**WORK REQUIRED**
Give back exactly the lines of the material below that start at the line containing "#29610=DIRECTION('center_axis',(0.,0.,-1.));" and end at the line containing "#29729=DIRECTION('center_axis',(0.,0.,1.));", and no others.

--------------------------------

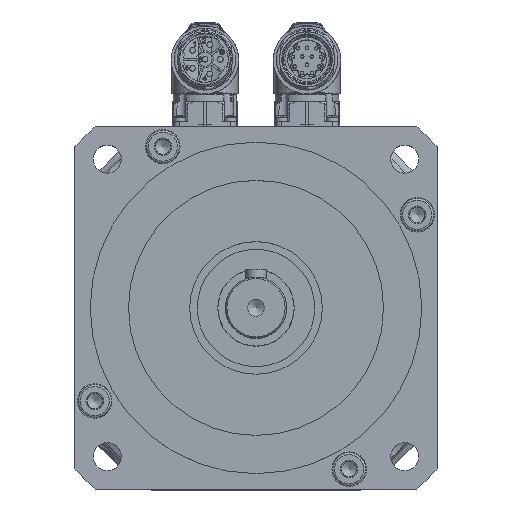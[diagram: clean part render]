
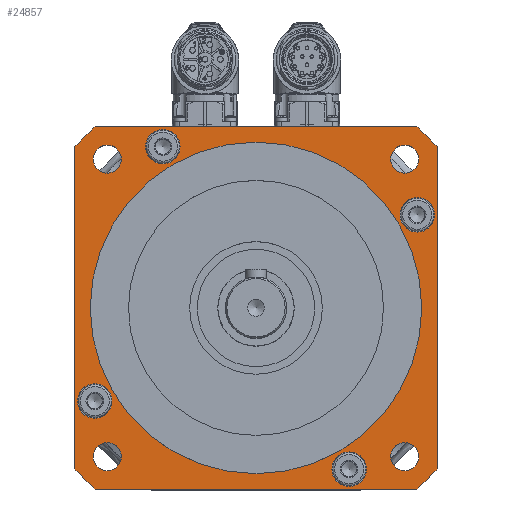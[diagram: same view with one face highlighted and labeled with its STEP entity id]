
A CAD part, top view. The second image highlights one B-rep face of the part: STEP entity #24857.
In plain terms, the highlighted planar face has unit normal (0, 0, 1).
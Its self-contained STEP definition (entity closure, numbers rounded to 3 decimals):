
#1983=LINE('',#36513,#3214);
#1987=LINE('',#36519,#3218);
#1988=LINE('',#36521,#3219);
#1989=LINE('',#36523,#3220);
#3214=VECTOR('',#29753,126.238);
#3218=VECTOR('',#29761,126.238);
#3219=VECTOR('',#29764,126.238);
#3220=VECTOR('',#29767,126.238);
#6031=FACE_BOUND('',#8243,.T.);
#6032=FACE_BOUND('',#8244,.T.);
#6033=FACE_BOUND('',#8245,.T.);
#6034=FACE_BOUND('',#8246,.T.);
#6035=FACE_BOUND('',#8247,.T.);
#6036=FACE_BOUND('',#8248,.T.);
#6037=FACE_BOUND('',#8249,.T.);
#6038=FACE_BOUND('',#8250,.T.);
#6039=FACE_BOUND('',#8251,.T.);
#6040=FACE_BOUND('',#8252,.T.);
#8243=EDGE_LOOP('',(#17906));
#8244=EDGE_LOOP('',(#17907));
#8245=EDGE_LOOP('',(#17908));
#8246=EDGE_LOOP('',(#17909));
#8247=EDGE_LOOP('',(#17910));
#8248=EDGE_LOOP('',(#17911));
#8249=EDGE_LOOP('',(#17912));
#8250=EDGE_LOOP('',(#17913));
#8251=EDGE_LOOP('',(#17914));
#8252=EDGE_LOOP('',(#17915,#17916,#17917,#17918,#17919,#17920,#17921,#17922));
#10121=CIRCLE('',#26518,5.5);
#10125=CIRCLE('',#26524,6.75);
#10127=CIRCLE('',#26528,5.5);
#10131=CIRCLE('',#26534,6.75);
#10133=CIRCLE('',#26538,5.5);
#10137=CIRCLE('',#26544,6.75);
#10141=CIRCLE('',#26551,6.75);
#10143=CIRCLE('',#26555,5.5);
#10152=CIRCLE('',#26570,65.);
#10153=CIRCLE('',#26573,95.);
#10155=CIRCLE('',#26576,95.);
#10158=CIRCLE('',#26580,95.);
#10159=CIRCLE('',#26582,95.);
#11407=VERTEX_POINT('',#36389);
#11411=VERTEX_POINT('',#36399);
#11413=VERTEX_POINT('',#36405);
#11417=VERTEX_POINT('',#36415);
#11419=VERTEX_POINT('',#36421);
#11423=VERTEX_POINT('',#36431);
#11427=VERTEX_POINT('',#36442);
#11429=VERTEX_POINT('',#36448);
#11438=VERTEX_POINT('',#36472);
#11439=VERTEX_POINT('',#36476);
#11441=VERTEX_POINT('',#36479);
#11443=VERTEX_POINT('',#36485);
#11445=VERTEX_POINT('',#36488);
#11448=VERTEX_POINT('',#36495);
#11450=VERTEX_POINT('',#36499);
#11451=VERTEX_POINT('',#36503);
#11453=VERTEX_POINT('',#36506);
#13998=EDGE_CURVE('',#11407,#11407,#10121,.T.);
#14002=EDGE_CURVE('',#11411,#11411,#10125,.T.);
#14004=EDGE_CURVE('',#11413,#11413,#10127,.T.);
#14008=EDGE_CURVE('',#11417,#11417,#10131,.T.);
#14010=EDGE_CURVE('',#11419,#11419,#10133,.T.);
#14014=EDGE_CURVE('',#11423,#11423,#10137,.T.);
#14018=EDGE_CURVE('',#11427,#11427,#10141,.T.);
#14020=EDGE_CURVE('',#11429,#11429,#10143,.T.);
#14029=EDGE_CURVE('',#11438,#11438,#10152,.T.);
#14031=EDGE_CURVE('',#11441,#11439,#10153,.T.);
#14035=EDGE_CURVE('',#11445,#11443,#10155,.T.);
#14041=EDGE_CURVE('',#11448,#11450,#10158,.T.);
#14043=EDGE_CURVE('',#11453,#11451,#10159,.T.);
#14047=EDGE_CURVE('',#11451,#11448,#1983,.T.);
#14051=EDGE_CURVE('',#11443,#11453,#1987,.T.);
#14052=EDGE_CURVE('',#11439,#11445,#1988,.T.);
#14053=EDGE_CURVE('',#11450,#11441,#1989,.T.);
#17906=ORIENTED_EDGE('',*,*,#13998,.T.);
#17907=ORIENTED_EDGE('',*,*,#14002,.T.);
#17908=ORIENTED_EDGE('',*,*,#14004,.T.);
#17909=ORIENTED_EDGE('',*,*,#14008,.T.);
#17910=ORIENTED_EDGE('',*,*,#14010,.T.);
#17911=ORIENTED_EDGE('',*,*,#14014,.T.);
#17912=ORIENTED_EDGE('',*,*,#14018,.T.);
#17913=ORIENTED_EDGE('',*,*,#14020,.T.);
#17914=ORIENTED_EDGE('',*,*,#14029,.T.);
#17915=ORIENTED_EDGE('',*,*,#14043,.T.);
#17916=ORIENTED_EDGE('',*,*,#14047,.T.);
#17917=ORIENTED_EDGE('',*,*,#14041,.T.);
#17918=ORIENTED_EDGE('',*,*,#14053,.T.);
#17919=ORIENTED_EDGE('',*,*,#14031,.T.);
#17920=ORIENTED_EDGE('',*,*,#14052,.T.);
#17921=ORIENTED_EDGE('',*,*,#14035,.T.);
#17922=ORIENTED_EDGE('',*,*,#14051,.T.);
#24223=PLANE('',#26589);
#24857=ADVANCED_FACE('',(#6031,#6032,#6033,#6034,#6035,#6036,#6037,#6038,
#6039,#6040),#24223,.T.);
#26518=AXIS2_PLACEMENT_3D('',#36390,#29610,#29611);
#26524=AXIS2_PLACEMENT_3D('',#36400,#29622,#29623);
#26528=AXIS2_PLACEMENT_3D('',#36406,#29630,#29631);
#26534=AXIS2_PLACEMENT_3D('',#36416,#29642,#29643);
#26538=AXIS2_PLACEMENT_3D('',#36422,#29650,#29651);
#26544=AXIS2_PLACEMENT_3D('',#36432,#29662,#29663);
#26551=AXIS2_PLACEMENT_3D('',#36443,#29676,#29677);
#26555=AXIS2_PLACEMENT_3D('',#36449,#29684,#29685);
#26570=AXIS2_PLACEMENT_3D('',#36473,#29714,#29715);
#26573=AXIS2_PLACEMENT_3D('',#36480,#29721,#29722);
#26576=AXIS2_PLACEMENT_3D('',#36489,#29729,#29730);
#26580=AXIS2_PLACEMENT_3D('',#36501,#29740,#29741);
#26582=AXIS2_PLACEMENT_3D('',#36507,#29745,#29746);
#26589=AXIS2_PLACEMENT_3D('',#36524,#29768,#29769);
#29610=DIRECTION('center_axis',(0.,0.,-1.));
#29611=DIRECTION('ref_axis',(0.,1.,0.));
#29622=DIRECTION('center_axis',(0.,0.,-1.));
#29623=DIRECTION('ref_axis',(0.,-1.,0.));
#29630=DIRECTION('center_axis',(0.,0.,-1.));
#29631=DIRECTION('ref_axis',(1.,0.,0.));
#29642=DIRECTION('center_axis',(0.,0.,-1.));
#29643=DIRECTION('ref_axis',(-1.,0.,0.));
#29650=DIRECTION('center_axis',(0.,0.,-1.));
#29651=DIRECTION('ref_axis',(0.,-1.,0.));
#29662=DIRECTION('center_axis',(0.,0.,-1.));
#29663=DIRECTION('ref_axis',(0.,1.,0.));
#29676=DIRECTION('center_axis',(0.,0.,-1.));
#29677=DIRECTION('ref_axis',(1.,0.,0.));
#29684=DIRECTION('center_axis',(0.,0.,-1.));
#29685=DIRECTION('ref_axis',(-1.,0.,0.));
#29714=DIRECTION('center_axis',(0.,0.,-1.));
#29715=DIRECTION('ref_axis',(-1.,0.,0.));
#29721=DIRECTION('center_axis',(0.,0.,1.));
#29722=DIRECTION('ref_axis',(-1.,0.,0.));
#29729=DIRECTION('center_axis',(0.,0.,1.));
#29730=DIRECTION('ref_axis',(-1.,0.,0.));
#29740=DIRECTION('center_axis',(0.,0.,1.));
#29741=DIRECTION('ref_axis',(-1.,0.,0.));
#29745=DIRECTION('center_axis',(0.,0.,1.));
#29746=DIRECTION('ref_axis',(-1.,0.,0.));
#29753=DIRECTION('',(0.,-1.,0.));
#29761=DIRECTION('',(-1.,0.,0.));
#29764=DIRECTION('',(0.,1.,0.));
#29767=DIRECTION('',(1.,0.,0.));
#29768=DIRECTION('center_axis',(0.,0.,1.));
#29769=DIRECTION('ref_axis',(1.,0.,0.));
#36389=CARTESIAN_POINT('',(58.336,52.836,15.));
#36390=CARTESIAN_POINT('Origin',(58.336,58.336,15.));
#36399=CARTESIAN_POINT('',(36.5,-69.97,15.));
#36400=CARTESIAN_POINT('Origin',(36.5,-63.22,15.));
#36405=CARTESIAN_POINT('',(52.836,-58.336,15.));
#36406=CARTESIAN_POINT('Origin',(58.336,-58.336,15.));
#36415=CARTESIAN_POINT('',(-69.97,-36.5,15.));
#36416=CARTESIAN_POINT('Origin',(-63.22,-36.5,15.));
#36421=CARTESIAN_POINT('',(-58.336,-52.836,15.));
#36422=CARTESIAN_POINT('Origin',(-58.336,-58.336,15.));
#36431=CARTESIAN_POINT('',(-36.5,69.97,15.));
#36432=CARTESIAN_POINT('Origin',(-36.5,63.22,15.));
#36442=CARTESIAN_POINT('',(69.97,36.5,15.));
#36443=CARTESIAN_POINT('Origin',(63.22,36.5,15.));
#36448=CARTESIAN_POINT('',(-52.836,58.336,15.));
#36449=CARTESIAN_POINT('Origin',(-58.336,58.336,15.));
#36472=CARTESIAN_POINT('',(65.,0.,15.));
#36473=CARTESIAN_POINT('Origin',(0.,0.,15.));
#36476=CARTESIAN_POINT('',(71.,-63.119,15.));
#36479=CARTESIAN_POINT('',(63.119,-71.,15.));
#36480=CARTESIAN_POINT('Origin',(0.,0.,15.));
#36485=CARTESIAN_POINT('',(63.119,71.,15.));
#36488=CARTESIAN_POINT('',(71.,63.119,15.));
#36489=CARTESIAN_POINT('Origin',(0.,0.,15.));
#36495=CARTESIAN_POINT('',(-71.,-63.119,15.));
#36499=CARTESIAN_POINT('',(-63.119,-71.,15.));
#36501=CARTESIAN_POINT('Origin',(0.,0.,15.));
#36503=CARTESIAN_POINT('',(-71.,63.119,15.));
#36506=CARTESIAN_POINT('',(-63.119,71.,15.));
#36507=CARTESIAN_POINT('Origin',(0.,0.,15.));
#36513=CARTESIAN_POINT('',(-71.,71.,15.));
#36519=CARTESIAN_POINT('',(71.,71.,15.));
#36521=CARTESIAN_POINT('',(71.,-71.,15.));
#36523=CARTESIAN_POINT('',(-71.,-71.,15.));
#36524=CARTESIAN_POINT('Origin',(0.,0.,15.));

--------------------------------

**SOLUTION FOR THIS TASK**
#29610=DIRECTION('center_axis',(0.,0.,-1.));
#29611=DIRECTION('ref_axis',(0.,1.,0.));
#29622=DIRECTION('center_axis',(0.,0.,-1.));
#29623=DIRECTION('ref_axis',(0.,-1.,0.));
#29630=DIRECTION('center_axis',(0.,0.,-1.));
#29631=DIRECTION('ref_axis',(1.,0.,0.));
#29642=DIRECTION('center_axis',(0.,0.,-1.));
#29643=DIRECTION('ref_axis',(-1.,0.,0.));
#29650=DIRECTION('center_axis',(0.,0.,-1.));
#29651=DIRECTION('ref_axis',(0.,-1.,0.));
#29662=DIRECTION('center_axis',(0.,0.,-1.));
#29663=DIRECTION('ref_axis',(0.,1.,0.));
#29676=DIRECTION('center_axis',(0.,0.,-1.));
#29677=DIRECTION('ref_axis',(1.,0.,0.));
#29684=DIRECTION('center_axis',(0.,0.,-1.));
#29685=DIRECTION('ref_axis',(-1.,0.,0.));
#29714=DIRECTION('center_axis',(0.,0.,-1.));
#29715=DIRECTION('ref_axis',(-1.,0.,0.));
#29721=DIRECTION('center_axis',(0.,0.,1.));
#29722=DIRECTION('ref_axis',(-1.,0.,0.));
#29729=DIRECTION('center_axis',(0.,0.,1.));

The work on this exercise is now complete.